Task to carry out: For the records that follow, please set down exactly the lines between the one holding "#17079 = ORIENTED_EDGE" and the one holding "#20992 = CARTESIAN_POINT", inclusive, and only those.

(Saved entries)
_____
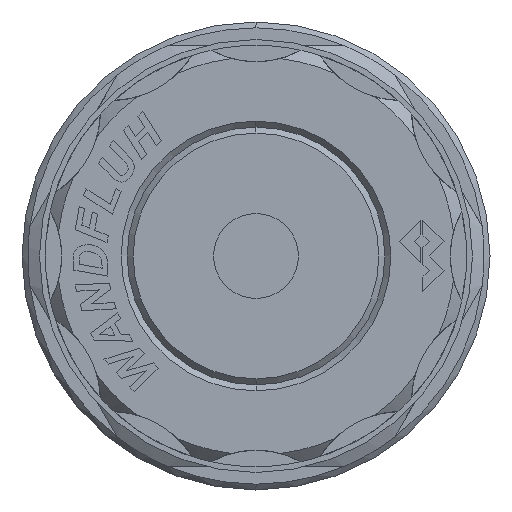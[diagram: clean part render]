
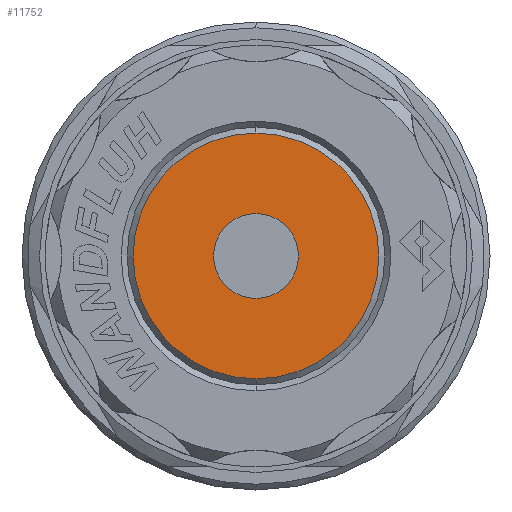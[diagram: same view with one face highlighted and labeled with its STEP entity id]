
A CAD part, left-side view. The second image highlights one B-rep face of the part: STEP entity #11752.
In plain terms, the highlighted planar face has unit normal (-1, 0, 0).
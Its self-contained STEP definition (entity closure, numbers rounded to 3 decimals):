
#1523 = VERTEX_POINT ( 'NONE', #20599 ) ;
#2266 = CIRCLE ( 'NONE', #9408, 10.5 ) ;
#2521 = VERTEX_POINT ( 'NONE', #8934 ) ;
#3142 = EDGE_LOOP ( 'NONE', ( #11527, #11706 ) ) ;
#3250 = EDGE_CURVE ( 'NONE', #17631, #7284, #8790, .T. ) ;
#3815 = ORIENTED_EDGE ( 'NONE', *, *, #14374, .T. ) ;
#7284 = VERTEX_POINT ( 'NONE', #7554 ) ;
#7554 = CARTESIAN_POINT ( 'NONE',  ( -70.2, 0., 3.625 ) ) ;
#8741 = DIRECTION ( 'NONE',  ( 0., 0., -1. ) ) ;
#8790 = CIRCLE ( 'NONE', #12047, 3.625 ) ;
#8934 = CARTESIAN_POINT ( 'NONE',  ( -70.2, 0., -10.5 ) ) ;
#9176 = AXIS2_PLACEMENT_3D ( 'NONE', #9716, #9698, #9690 ) ;
#9408 = AXIS2_PLACEMENT_3D ( 'NONE', #15318, #15312, #15296 ) ;
#9690 = DIRECTION ( 'NONE',  ( 0., 0., -1. ) ) ;
#9698 = DIRECTION ( 'NONE',  ( 1., 0., 0. ) ) ;
#9716 = CARTESIAN_POINT ( 'NONE',  ( -70.2, 0., 0. ) ) ;
#10059 = EDGE_CURVE ( 'NONE', #7284, #17631, #15885, .T. ) ;
#11088 = EDGE_LOOP ( 'NONE', ( #3815, #17079 ) ) ;
#11507 = AXIS2_PLACEMENT_3D ( 'NONE', #13872, #13851, #13803 ) ;
#11527 = ORIENTED_EDGE ( 'NONE', *, *, #3250, .T. ) ;
#11706 = ORIENTED_EDGE ( 'NONE', *, *, #10059, .T. ) ;
#11752 = ADVANCED_FACE ( 'NONE', ( #18362, #12847 ), #14103, .F. ) ;
#12047 = AXIS2_PLACEMENT_3D ( 'NONE', #20992, #20973, #20969 ) ;
#12847 = FACE_OUTER_BOUND ( 'NONE', #11088, .T. ) ;
#13803 = DIRECTION ( 'NONE',  ( 0., 0., -1. ) ) ;
#13851 = DIRECTION ( 'NONE',  ( 1., 0., 0. ) ) ;
#13872 = CARTESIAN_POINT ( 'NONE',  ( -70.2, 0., 0. ) ) ;
#14103 = PLANE ( 'NONE',  #11507 ) ;
#14374 = EDGE_CURVE ( 'NONE', #2521, #1523, #2266, .T. ) ;
#14857 = CIRCLE ( 'NONE', #22056, 10.5 ) ;
#15296 = DIRECTION ( 'NONE',  ( 0., 0., -1. ) ) ;
#15312 = DIRECTION ( 'NONE',  ( -1., 0., 0. ) ) ;
#15318 = CARTESIAN_POINT ( 'NONE',  ( -70.2, 0., 0. ) ) ;
#15662 = CARTESIAN_POINT ( 'NONE',  ( -70.2, 0., -3.625 ) ) ;
#15885 = CIRCLE ( 'NONE', #9176, 3.625 ) ;
#17079 = ORIENTED_EDGE ( 'NONE', *, *, #23604, .T. ) ;
#17631 = VERTEX_POINT ( 'NONE', #15662 ) ;
#18362 = FACE_BOUND ( 'NONE', #3142, .T. ) ;
#20035 = DIRECTION ( 'NONE',  ( -1., 0., 0. ) ) ;
#20040 = CARTESIAN_POINT ( 'NONE',  ( -70.2, 0., 0. ) ) ;
#20599 = CARTESIAN_POINT ( 'NONE',  ( -70.2, 0., 10.5 ) ) ;
#20969 = DIRECTION ( 'NONE',  ( 0., 0., -1. ) ) ;
#20973 = DIRECTION ( 'NONE',  ( 1., 0., 0. ) ) ;
#20992 = CARTESIAN_POINT ( 'NONE',  ( -70.2, 0., 0. ) ) ;
#22056 = AXIS2_PLACEMENT_3D ( 'NONE', #20040, #20035, #8741 ) ;
#23604 = EDGE_CURVE ( 'NONE', #1523, #2521, #14857, .T. ) ;
_____
Output for this task:
#17079 = ORIENTED_EDGE ( 'NONE', *, *, #23604, .T. ) ;
#17631 = VERTEX_POINT ( 'NONE', #15662 ) ;
#18362 = FACE_BOUND ( 'NONE', #3142, .T. ) ;
#20035 = DIRECTION ( 'NONE',  ( -1., 0., 0. ) ) ;
#20040 = CARTESIAN_POINT ( 'NONE',  ( -70.2, 0., 0. ) ) ;
#20599 = CARTESIAN_POINT ( 'NONE',  ( -70.2, 0., 10.5 ) ) ;
#20969 = DIRECTION ( 'NONE',  ( 0., 0., -1. ) ) ;
#20973 = DIRECTION ( 'NONE',  ( 1., 0., 0. ) ) ;
#20992 = CARTESIAN_POINT ( 'NONE',  ( -70.2, 0., 0. ) ) ;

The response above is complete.